Aber draußen ist auch noch Historisches zu besichtigen: Mülheim hat eine kleine, aber pittoreske Altstadt mit einigen Fachwerkhäusern. Ein großer Teil der ursprünglichen Bebauung wurde bei schweren Luftangriffen der Alliierten im Zweiten Weltkrieg zerstört. Doch einige Häuser wurden wieder aufgebaut, und der Flaneur gerät durch sie in frühere Zeit. Dort befindet sich auf dem Kirchenhügel auch das Tersteegenhaus, benannt nach dem Pietisten, Autor und Lieddichter Gerhard Tersteegen, der 1697 in Moers geboren wurde und von 1713 an in Mülheim lebte. Einige seiner Werke sind im Heimatmuseum in seinem Wohnhaus ausgestellt.

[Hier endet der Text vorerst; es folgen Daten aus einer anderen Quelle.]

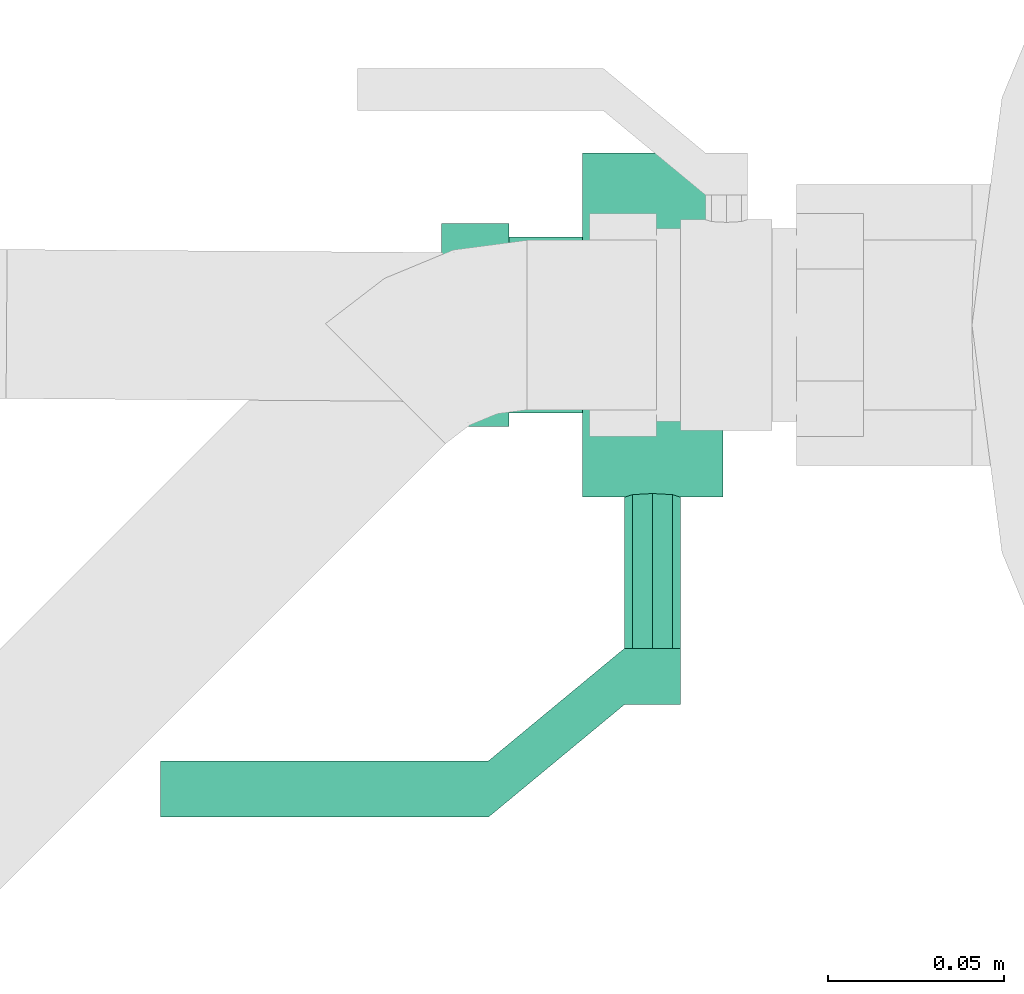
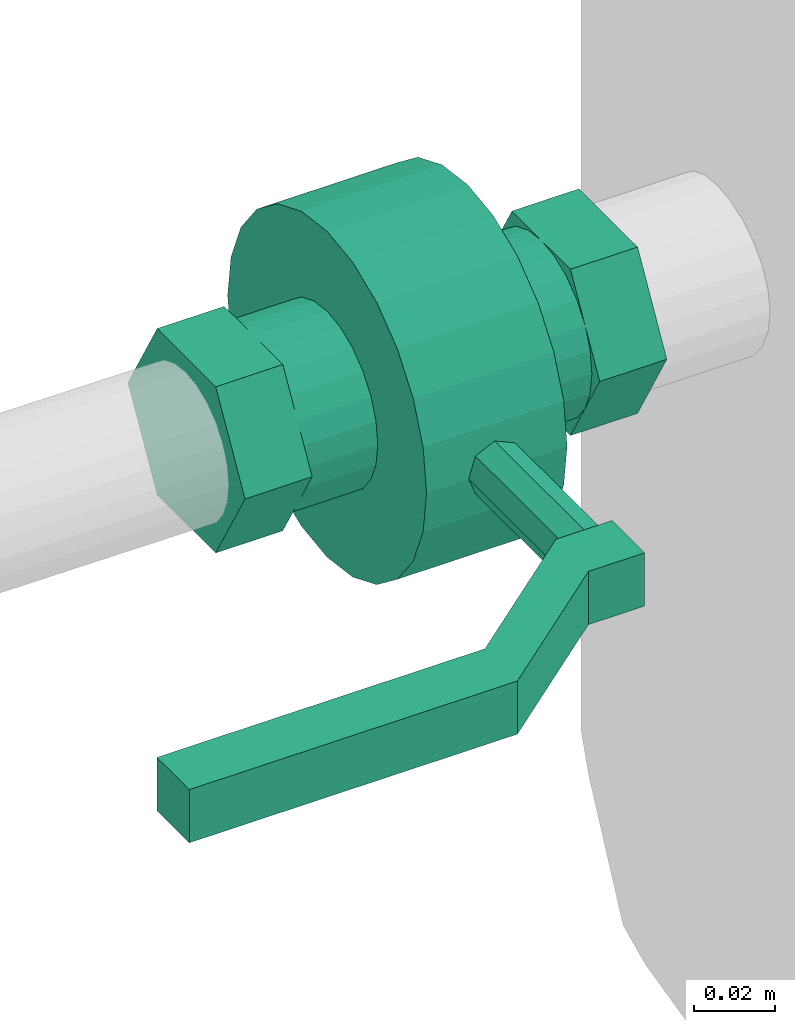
# One storey, part 277 of 374: 1 flow controller.
"""IFC2X3 building model written with IfcOpenShell, lengths in metres."""

import ifcopenshell
import ifcopenshell.guid

model = None  # the IFC model being written
_history = None  # IfcOwnerHistory: only IFC2X3 demands one
_inside = {}  # id of a spatial element -> (the spatial element, [elements in it])
_under = {}  # id of a project, library or spatial element -> (it, [spatial elements below it])
_declared = {}  # id of a project -> (the project, [libraries it declares])
_typed = {}  # id of a type object -> (the type object, [elements of that type])
_made_of = {}  # id of a material, layer set ... -> (it, [elements and type objects made of it])


def new_model(schema):
    """Start an empty IFC model of exactly this schema.

    Asked for "IFC4X3", IfcOpenShell would pick the latest addendum, in which some entities
    have other attributes; the version numbers below select the first issue.
    IFC2X3 requires an IfcOwnerHistory on every rooted entity: one is made here for all.
    """
    global model, _history
    if schema == "IFC4X3":
        model = ifcopenshell.file(schema_version=(4, 3, 0, 0))
    else:
        model = ifcopenshell.file(schema=schema)
    _inside.clear()
    _under.clear()
    _declared.clear()
    _typed.clear()
    _made_of.clear()
    _history = None
    if model.schema == "IFC2X3":
        org = make("IfcOrganization", Name="unknown")
        user = make(
            "IfcPersonAndOrganization",
            ThePerson=make("IfcPerson", FamilyName="unknown"),
            TheOrganization=org,
        )
        app = make(
            "IfcApplication",
            ApplicationDeveloper=org,
            Version="unknown",
            ApplicationFullName="unknown",
            ApplicationIdentifier="unknown",
        )
        _history = make(
            "IfcOwnerHistory",
            OwningUser=user,
            OwningApplication=app,
            ChangeAction="ADDED",
            CreationDate=0,
        )
    return model


def make(cls, **values):
    """One entity of the class cls with the attributes given. An attribute that is None is left unset."""
    return model.create_entity(
        cls, **{name: value for name, value in values.items() if value is not None}
    )


def rooted(cls, **values):
    """An entity with a GlobalId (a new one), such as an element, a storey or a relation."""
    return make(cls, GlobalId=ifcopenshell.guid.new(), OwnerHistory=_history, **values)


def si_unit(unit_type, name, prefix=None):
    """IfcSIUnit, for example si_unit("LENGTHUNIT", "METRE", prefix="MILLI")."""
    return make("IfcSIUnit", UnitType=unit_type, Prefix=prefix, Name=name)


def assignment(units):
    """IfcUnitAssignment: the units of a project."""
    return None if units is None else make("IfcUnitAssignment", Units=units)


def point(xyz):
    """IfcCartesianPoint."""
    return None if xyz is None else make("IfcCartesianPoint", Coordinates=xyz)


def direction(xyz):
    """IfcDirection."""
    return None if xyz is None else make("IfcDirection", DirectionRatios=xyz)


def frame(location, z_axis=None, x_axis=None):
    """IfcAxis2Placement3D, a coordinate frame: its origin and axes. An axis left out is left unset."""
    return make(
        "IfcAxis2Placement3D",
        Location=point(location),
        Axis=direction(z_axis),
        RefDirection=direction(x_axis),
    )


def origin():
    """The frame at (0, 0, 0) with its axes left unset."""
    return frame((0.0, 0.0, 0.0))


def place(relative_to, where):
    """IfcLocalPlacement: puts the frame where relative to a parent placement (None: the world)."""
    return make(
        "IfcLocalPlacement", PlacementRelTo=relative_to, RelativePlacement=where
    )


def context(
    kind, dimensions, precision=None, world=None, true_north=None, identifier=None
):
    """IfcGeometricRepresentationContext, for example the 3D "Model" context."""
    return make(
        "IfcGeometricRepresentationContext",
        ContextIdentifier=identifier,
        ContextType=kind,
        CoordinateSpaceDimension=dimensions,
        Precision=precision,
        WorldCoordinateSystem=world,
        TrueNorth=true_north,
    )


def subcontext(parent, identifier, kind, view, scale=None):
    """IfcGeometricRepresentationSubContext, for example "Body" below "Model"."""
    return make(
        "IfcGeometricRepresentationSubContext",
        ContextIdentifier=identifier,
        ContextType=kind,
        ParentContext=parent,
        TargetScale=scale,
        TargetView=view,
    )


def project(units=None, contexts=None):
    """IfcProject with its units and contexts."""
    return rooted(
        "IfcProject",
        Name="project",
        RepresentationContexts=contexts,
        UnitsInContext=assignment(units),
    )


def spatial(cls, under=None, at=None, **own):
    """A site, building, storey or space (cls), placed at a placement, below another one or the project."""
    s = rooted(cls, ObjectPlacement=at, **own)
    if under is not None:
        _under.setdefault(under.id(), (under, []))[1].append(s)
    return s


def faces_of(points, faces, orient=None, outer=None):
    """IfcFace entities. A face is a list of loops; a loop is a list of indices into points, from 0.

    orient and outer hold one flag for each loop. By default every Orientation is true, the
    first loop of a face is its IfcFaceOuterBound and the others are IfcFaceBound.
    """
    made = []
    for i, loops in enumerate(faces):
        bounds = []
        for j, loop in enumerate(loops):
            is_outer = j == 0 if outer is None else outer[i][j]
            bounds.append(
                make(
                    "IfcFaceOuterBound" if is_outer else "IfcFaceBound",
                    Bound=make("IfcPolyLoop", Polygon=[points[k] for k in loop]),
                    Orientation=True if orient is None else orient[i][j],
                )
            )
        made.append(make("IfcFace", Bounds=bounds))
    return made


def open_shell(faces, orient=None, outer=None):
    """The faces of one IfcOpenShell. surface_model builds it on its shared points."""
    return ("IfcOpenShell", faces, orient, outer)


def surface_model(cls, points, shells):
    """IfcFaceBasedSurfaceModel or IfcShellBasedSurfaceModel (cls): surfaces that need not close."""
    shared = [point(p) for p in points]
    made = [make(c, CfsFaces=faces_of(shared, fs, o, b)) for c, fs, o, b in shells]
    if cls == "IfcFaceBasedSurfaceModel":
        return make(cls, FbsmFaces=made)
    return make(cls, SbsmBoundary=made)


def shape(context_of_items, identifier, shape_type, items):
    """IfcShapeRepresentation: the items that make up one representation, for example the "Body"."""
    return make(
        "IfcShapeRepresentation",
        ContextOfItems=context_of_items,
        RepresentationIdentifier=identifier,
        RepresentationType=shape_type,
        Items=items,
    )


def source(mapping_origin, context_of_items, identifier, shape_type, items):
    """IfcRepresentationMap: a shape defined once, which mapped items show again and again."""
    return make(
        "IfcRepresentationMap",
        MappingOrigin=mapping_origin,
        MappedRepresentation=shape(context_of_items, identifier, shape_type, items),
    )


def transform(
    local_origin,
    x_axis=None,
    y_axis=None,
    z_axis=None,
    scale=None,
    scale2=None,
    scale3=None,
    uniform=True,
):
    """IfcCartesianTransformationOperator3D, or its non-uniform kind. x_axis, y_axis, z_axis: its Axis1, 2, 3."""
    if uniform:
        return make(
            "IfcCartesianTransformationOperator3D",
            Axis1=direction(x_axis),
            Axis2=direction(y_axis),
            LocalOrigin=point(local_origin),
            Scale=scale,
            Axis3=direction(z_axis),
        )
    return make(
        "IfcCartesianTransformationOperator3DnonUniform",
        Axis1=direction(x_axis),
        Axis2=direction(y_axis),
        LocalOrigin=point(local_origin),
        Scale=scale,
        Axis3=direction(z_axis),
        Scale2=scale2,
        Scale3=scale3,
    )


def mapped(mapping_source, mapping_target):
    """IfcMappedItem: shows the shape of a source again, moved by a transform."""
    return make(
        "IfcMappedItem", MappingSource=mapping_source, MappingTarget=mapping_target
    )


def made_of(thing, what):
    """Note that an element or type object is made of a material, layer set ...; save() writes the relation."""
    if what is not None:
        _made_of.setdefault(what.id(), (what, []))[1].append(thing)
    return thing


def element(
    cls,
    number,
    at=None,
    inside=None,
    cuts=None,
    type_object=None,
    material=None,
    context=None,
    identifier="Body",
    shape_type=None,
    held_by="IfcProductDefinitionShape",
    body=None,
    shapes=None,
    **own,
):
    """One element of the class cls, such as IfcWall. Its Tag is "e" and its number.

    at: its placement. inside: the storey or other place that contains it. cuts: it is an
    opening in that element (IfcRelVoidsElement). A single representation is given by context,
    identifier, shape_type and body (its items); several are given by shapes. held_by: the class
    of the entity that holds the representations. save() writes the other relations.
    """
    e = rooted(cls, Tag="e%d" % number, ObjectPlacement=at, **own)
    if body is not None:
        shapes = [shape(context, identifier, shape_type, body)]
    if shapes is not None:
        e.Representation = make(held_by, Representations=shapes)
    if inside is not None:
        _inside.setdefault(inside.id(), (inside, []))[1].append(e)
    if cuts is not None:
        rooted(
            "IfcRelVoidsElement", RelatingBuildingElement=cuts, RelatedOpeningElement=e
        )
    if type_object is not None:
        _typed.setdefault(type_object.id(), (type_object, []))[1].append(e)
    return made_of(e, material)


def aggregate(whole, parts):
    """IfcRelAggregates: a whole, such as a stair, and the parts it consists of."""
    return rooted("IfcRelAggregates", RelatingObject=whole, RelatedObjects=parts)


def save(model, path):
    """Write the relations noted so far, then the file.

    IfcRelAggregates (storeys below a building ...), IfcRelContainedInSpatialStructure (elements
    in a storey), IfcRelDefinesByType, IfcRelAssociatesMaterial and IfcRelDeclares: one each for
    every whole, place, type object, material and project.
    """
    for whole, parts in _under.values():
        aggregate(whole, parts)
    for where, things in _inside.values():
        rooted(
            "IfcRelContainedInSpatialStructure",
            RelatedElements=things,
            RelatingStructure=where,
        )
    for kind, things in _typed.values():
        rooted("IfcRelDefinesByType", RelatedObjects=things, RelatingType=kind)
    for what, things in _made_of.values():
        rooted("IfcRelAssociatesMaterial", RelatedObjects=things, RelatingMaterial=what)
    for by, libraries in _declared.values():
        rooted("IfcRelDeclares", RelatingContext=by, RelatedDefinitions=libraries)
    model.write(path)


model = new_model("IFC2X3")

# Units and contexts
model_context = context("Model", 3, precision=1e-05, world=origin(), true_north=direction((-0.4480736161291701, 0.8939966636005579)))
body_context = subcontext(model_context, "Body", "Model", "MODEL_VIEW")
ifc_project = project(units=[si_unit("LENGTHUNIT", "METRE"), si_unit("AREAUNIT", "SQUARE_METRE"), si_unit("VOLUMEUNIT", "CUBIC_METRE"), si_unit("PLANEANGLEUNIT", "RADIAN"), si_unit("THERMODYNAMICTEMPERATUREUNIT", "KELVIN"), si_unit("MASSUNIT", "GRAM", prefix="KILO"), si_unit("TIMEUNIT", "SECOND")], contexts=[model_context])

# Site, building, storey
site_placement = place(None, origin())
site = spatial("IfcSite", under=ifc_project, at=site_placement, Name="Site 1", CompositionType="ELEMENT")
building_placement = place(site_placement, origin())
building = spatial("IfcBuilding", under=site, at=building_placement, Name="Undefined", CompositionType="ELEMENT")
storey_placement = place(building_placement, origin())
storey = spatial("IfcBuildingStorey", under=building, at=storey_placement, Name="Rez de chauss\x8ee", CompositionType="ELEMENT", Elevation=0.0)

# Flow controller
shared_shape = source(origin(), body_context, "Body", "SurfaceModel", [
    surface_model("IfcFaceBasedSurfaceModel", [(0.0, 0.015999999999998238, 0.0), (0.0, 0.0, 0.0), (0.016000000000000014, 0.0, 0.0), (0.016000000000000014, 0.015999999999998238, 0.0), (0.0, 0.0, -0.016000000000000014), (0.016000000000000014, 0.0, -0.016000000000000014), (0.0, 0.015999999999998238, -0.016000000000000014), (0.016000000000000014, 0.015999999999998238, -0.016000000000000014), (0.0, 0.05466666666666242, -0.04800000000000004), (0.016000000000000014, 0.05466666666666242, -0.04800000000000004), (0.0, 0.14799999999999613, -0.04800000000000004), (0.016000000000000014, 0.14799999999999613, -0.04800000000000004), (0.0, 0.14799999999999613, -0.03200000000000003), (0.016000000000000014, 0.14799999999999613, -0.03200000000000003), (0.0, 0.05466666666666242, -0.03200000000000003), (0.016000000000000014, 0.05466666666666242, -0.03200000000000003), (0.03300000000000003, -0.0519999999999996, 0.10643375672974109), (0.03300000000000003, -0.0519999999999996, 0.07756624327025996), (0.03300000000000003, -0.032900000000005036, 0.07756624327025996), (0.03300000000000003, -0.032900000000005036, 0.10643375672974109), (0.008000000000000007, -0.0519999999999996, 0.12086751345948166), (0.008000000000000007, -0.032900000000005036, 0.12086751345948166), (-0.017000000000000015, -0.0519999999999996, 0.10643375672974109), (-0.017000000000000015, -0.032900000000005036, 0.10643375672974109), (-0.017000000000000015, -0.0519999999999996, 0.07756624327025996), (-0.017000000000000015, -0.032900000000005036, 0.07756624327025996), (0.008000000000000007, -0.0519999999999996, 0.0631324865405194), (0.008000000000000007, -0.032900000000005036, 0.0631324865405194), (-0.017000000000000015, -0.032900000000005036, 0.09200000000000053), (-0.016148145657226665, -0.032900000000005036, 0.09847047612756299), (-0.016148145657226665, -0.012000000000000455, 0.09847047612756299), (-0.017000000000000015, -0.012000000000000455, 0.09200000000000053), (-0.013650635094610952, -0.032900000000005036, 0.10449999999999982), (-0.013650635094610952, -0.012000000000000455, 0.10449999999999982), (-0.009677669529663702, -0.032900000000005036, 0.10967766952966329), (-0.009677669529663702, -0.012000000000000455, 0.10967766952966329), (-0.004500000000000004, -0.032900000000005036, 0.11365063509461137), (-0.004500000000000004, -0.012000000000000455, 0.11365063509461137), (0.0015295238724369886, -0.032900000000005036, 0.11614814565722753), (0.0015295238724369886, -0.012000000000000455, 0.11614814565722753), (0.008000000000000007, -0.032900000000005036, 0.11700000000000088), (0.008000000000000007, -0.012000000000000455, 0.11700000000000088), (0.014470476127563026, -0.032900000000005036, 0.11614814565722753), (0.014470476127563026, -0.012000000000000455, 0.11614814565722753), (0.020500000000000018, -0.032900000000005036, 0.11365063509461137), (0.020500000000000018, -0.012000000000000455, 0.11365063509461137), (0.025677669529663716, -0.032900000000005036, 0.10967766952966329), (0.025677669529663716, -0.012000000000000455, 0.10967766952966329), (0.029650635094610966, -0.032900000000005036, 0.10449999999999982), (0.029650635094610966, -0.012000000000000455, 0.10449999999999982), (0.03214814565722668, -0.032900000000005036, 0.09847047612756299), (0.03214814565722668, -0.012000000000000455, 0.09847047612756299), (0.03300000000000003, -0.032900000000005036, 0.09200000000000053), (0.03300000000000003, -0.012000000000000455, 0.09200000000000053), (0.03214814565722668, -0.032900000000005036, 0.08552952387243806), (0.03214814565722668, -0.012000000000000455, 0.08552952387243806), (0.029650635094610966, -0.032900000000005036, 0.07949999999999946), (0.029650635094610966, -0.012000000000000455, 0.07949999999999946), (0.025677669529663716, -0.032900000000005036, 0.07432233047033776), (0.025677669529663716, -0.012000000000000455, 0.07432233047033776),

Nicht mehr zu sehen ist hingegen die Büroausstellung im Rathaus, ein Geheimtipp für Freunde skurriler Ausstellungsformate. Die Büromaschinen von einst existieren zwar noch, zugänglich aber sind sie nicht mehr. Eigentlich will der Pförtner im Rathaus noch Fotos zeigen, aber gerade ist viel los, Hochzeitsbetrieb, Angehörige einer türkischen Familie haben gar zwei weiße Tauben mit in die Eingangshalle gebracht, die gurren nun im weißen Käfig und harren ihrer Freisetzung zum Fest dauerhafter Bindung.

Also wieder hinaus. Die gewonnene Zeit lässt sich im Stadthafen verbringen bei einem Spaziergang über die neu geschaffene Ruhrpromenade.

Vielen Kulturfreunden ist Mülheim an der Ruhr vor allem wegen Roberto Ciulli und dessen Theater an der Ruhr ein Begriff. Doch wer nur in das alte Solbad am Stadtrand im Raffelbergpark fährt, in dem das Theater untergebracht ist, und dann gleich wieder auf die Autobahn abbiegt, verpasst viel. Die Stadt am Fluss ist ergiebiges Terrain für Kulturentdecker.